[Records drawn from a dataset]

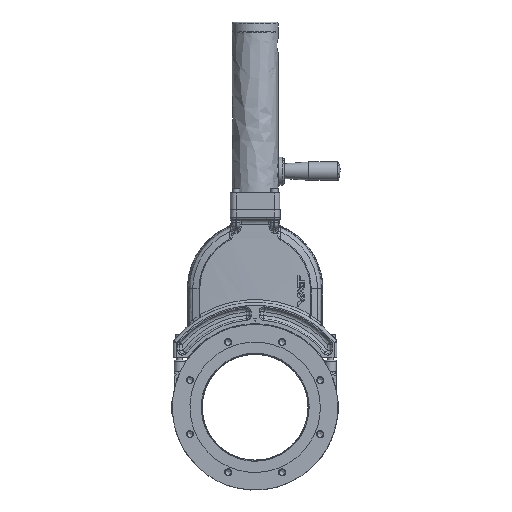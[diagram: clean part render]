
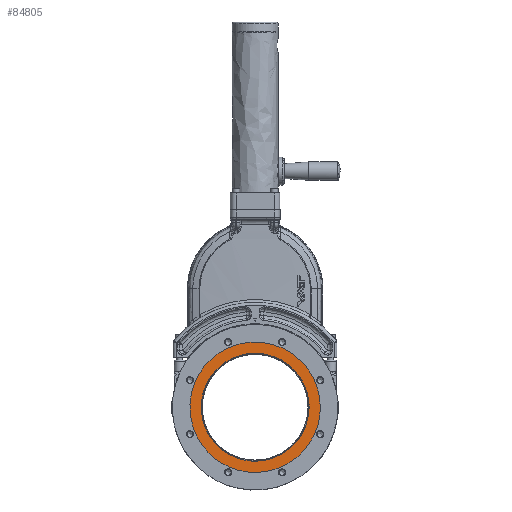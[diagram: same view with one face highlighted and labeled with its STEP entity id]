
A CAD part, top view. The second image highlights one B-rep face of the part: STEP entity #84805.
In plain terms, the highlighted free-form (B-spline) face has degree [1, 1] with [2, 2] control points.
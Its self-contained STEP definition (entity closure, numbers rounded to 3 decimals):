
#68755=CARTESIAN_POINT('V260',(76.563,0.0,
   35.));
#68756=VERTEX_POINT('V260',#68755);
#68762=CARTESIAN_POINT('E445',(76.563,0.0,
   35.));
#68763=CARTESIAN_POINT('E445',(76.562,
   -132.61,35.));
#68764=CARTESIAN_POINT('E445',(-38.281,
   -66.305,35.));
#68765=CARTESIAN_POINT('E445',(-153.125,0.,
   35.));
#68766=CARTESIAN_POINT('E445',(-38.281,
   66.305,35.));
#68767=CARTESIAN_POINT('E445',(76.563,
   132.61,35.));
#68768=CARTESIAN_POINT('E445',(76.563,0.0,
   35.));
#68776=(BOUNDED_CURVE()B_SPLINE_CURVE(2,(#68762,#68763,#68764,
   #68765,#68766,#68767,#68768),.CIRCULAR_ARC.,.T.,.U.)
   B_SPLINE_CURVE_WITH_KNOTS((3,2,2,3),(0.0,0.333,
   0.667,1.0),.UNSPECIFIED.)CURVE()
   GEOMETRIC_REPRESENTATION_ITEM()RATIONAL_B_SPLINE_CURVE((1.0,
   0.5,1.0,0.5,1.0,0.5,1.0)
   )REPRESENTATION_ITEM('E445'));
#68777=EDGE_CURVE('E445',#68756,#68756,#68776,.T.);
#84748=CARTESIAN_POINT('V554',(92.5,0.0,35.0));
#84749=VERTEX_POINT('V554',#84748);
#84750=CARTESIAN_POINT('E924',(92.5,0.0,35.0));
#84751=CARTESIAN_POINT('E924',(92.5,
   160.215,35.0));
#84752=CARTESIAN_POINT('E924',(-46.25,
   80.107,35.0));
#84753=CARTESIAN_POINT('E924',(-185.,0.,
   35.0));
#84754=CARTESIAN_POINT('E924',(-46.25,
   -80.107,35.0));
#84755=CARTESIAN_POINT('E924',(92.5,
   -160.215,35.0));
#84756=CARTESIAN_POINT('E924',(92.5,0.0,35.0));
#84764=(BOUNDED_CURVE()B_SPLINE_CURVE(2,(#84750,#84751,#84752,
   #84753,#84754,#84755,#84756),.CIRCULAR_ARC.,.T.,.U.)
   B_SPLINE_CURVE_WITH_KNOTS((3,2,2,3),(0.0,0.333,
   0.667,1.0),.UNSPECIFIED.)CURVE()
   GEOMETRIC_REPRESENTATION_ITEM()RATIONAL_B_SPLINE_CURVE((1.0,
   0.5,1.0,0.5,1.0,0.5,1.0)
   )REPRESENTATION_ITEM('E924'));
#84765=EDGE_CURVE('E924',#84749,#84749,#84764,.T.);
#84794=CARTESIAN_POINT('F388',(-118.5,
   -118.5,35.0));
#84795=CARTESIAN_POINT('F388',(-118.5,
   118.5,35.0));
#84796=CARTESIAN_POINT('F388',(118.5,
   -118.5,35.));
#84797=CARTESIAN_POINT('F388',(118.5,
   118.5,35.));
#84798=B_SPLINE_SURFACE_WITH_KNOTS('F388',1,1,((#84794,#84796),(
   #84795,#84797)),.PLANE_SURF.,.F.,.F.,.U.,(2,2),(2,2),(
   0.187,0.813),(0.187,
   0.813),.UNSPECIFIED.);
#84799=ORIENTED_EDGE('F387',*,*,#84765,.F.);
#84800=EDGE_LOOP('F388',(#84799));
#84801=FACE_OUTER_BOUND('F388',#84800,.F.);
#84802=ORIENTED_EDGE('E445',*,*,#68777,.F.);
#84803=EDGE_LOOP('F388',(#84802));
#84804=FACE_BOUND('F388',#84803,.F.);
#84805=ADVANCED_FACE('F388',(#84801,#84804),#84798,.F.);

DESCRIPTION OF THE TASK: Because pictures are not wanted, give every entry above again exactly without them.

TASK ANSWER:
[diagram: clean part render]
[diagram: same view with one face highlighted and labeled with its STEP entity id]
A CAD part, top view. The second image highlights one B-rep face of the part: STEP entity #84805.
In plain terms, the highlighted free-form (B-spline) face has degree [1, 1] with [2, 2] control points.
Its self-contained STEP definition (entity closure, numbers rounded to 3 decimals):
#68755=CARTESIAN_POINT('V260',(76.563,0.0,
   35.));
#68756=VERTEX_POINT('V260',#68755);
#68762=CARTESIAN_POINT('E445',(76.563,0.0,
   35.));
#68763=CARTESIAN_POINT('E445',(76.562,
   -132.61,35.));
#68764=CARTESIAN_POINT('E445',(-38.281,
   -66.305,35.));
#68765=CARTESIAN_POINT('E445',(-153.125,0.,
   35.));
#68766=CARTESIAN_POINT('E445',(-38.281,
   66.305,35.));
#68767=CARTESIAN_POINT('E445',(76.563,
   132.61,35.));
#68768=CARTESIAN_POINT('E445',(76.563,0.0,
   35.));
#68776=(BOUNDED_CURVE()B_SPLINE_CURVE(2,(#68762,#68763,#68764,
   #68765,#68766,#68767,#68768),.CIRCULAR_ARC.,.T.,.U.)
   B_SPLINE_CURVE_WITH_KNOTS((3,2,2,3),(0.0,0.333,
   0.667,1.0),.UNSPECIFIED.)CURVE()
   GEOMETRIC_REPRESENTATION_ITEM()RATIONAL_B_SPLINE_CURVE((1.0,
   0.5,1.0,0.5,1.0,0.5,1.0)
   )REPRESENTATION_ITEM('E445'));
#68777=EDGE_CURVE('E445',#68756,#68756,#68776,.T.);
#84748=CARTESIAN_POINT('V554',(92.5,0.0,35.0));
#84749=VERTEX_POINT('V554',#84748);
#84750=CARTESIAN_POINT('E924',(92.5,0.0,35.0));
#84751=CARTESIAN_POINT('E924',(92.5,
   160.215,35.0));
#84752=CARTESIAN_POINT('E924',(-46.25,
   80.107,35.0));
#84753=CARTESIAN_POINT('E924',(-185.,0.,
   35.0));
#84754=CARTESIAN_POINT('E924',(-46.25,
   -80.107,35.0));
#84755=CARTESIAN_POINT('E924',(92.5,
   -160.215,35.0));
#84756=CARTESIAN_POINT('E924',(92.5,0.0,35.0));
#84764=(BOUNDED_CURVE()B_SPLINE_CURVE(2,(#84750,#84751,#84752,
   #84753,#84754,#84755,#84756),.CIRCULAR_ARC.,.T.,.U.)
   B_SPLINE_CURVE_WITH_KNOTS((3,2,2,3),(0.0,0.333,
   0.667,1.0),.UNSPECIFIED.)CURVE()
   GEOMETRIC_REPRESENTATION_ITEM()RATIONAL_B_SPLINE_CURVE((1.0,
   0.5,1.0,0.5,1.0,0.5,1.0)
   )REPRESENTATION_ITEM('E924'));
#84765=EDGE_CURVE('E924',#84749,#84749,#84764,.T.);
#84794=CARTESIAN_POINT('F388',(-118.5,
   -118.5,35.0));
#84795=CARTESIAN_POINT('F388',(-118.5,
   118.5,35.0));
#84796=CARTESIAN_POINT('F388',(118.5,
   -118.5,35.));
#84797=CARTESIAN_POINT('F388',(118.5,
   118.5,35.));
#84798=B_SPLINE_SURFACE_WITH_KNOTS('F388',1,1,((#84794,#84796),(
   #84795,#84797)),.PLANE_SURF.,.F.,.F.,.U.,(2,2),(2,2),(
   0.187,0.813),(0.187,
   0.813),.UNSPECIFIED.);
#84799=ORIENTED_EDGE('F387',*,*,#84765,.F.);
#84800=EDGE_LOOP('F388',(#84799));
#84801=FACE_OUTER_BOUND('F388',#84800,.F.);
#84802=ORIENTED_EDGE('E445',*,*,#68777,.F.);
#84803=EDGE_LOOP('F388',(#84802));
#84804=FACE_BOUND('F388',#84803,.F.);
#84805=ADVANCED_FACE('F388',(#84801,#84804),#84798,.F.);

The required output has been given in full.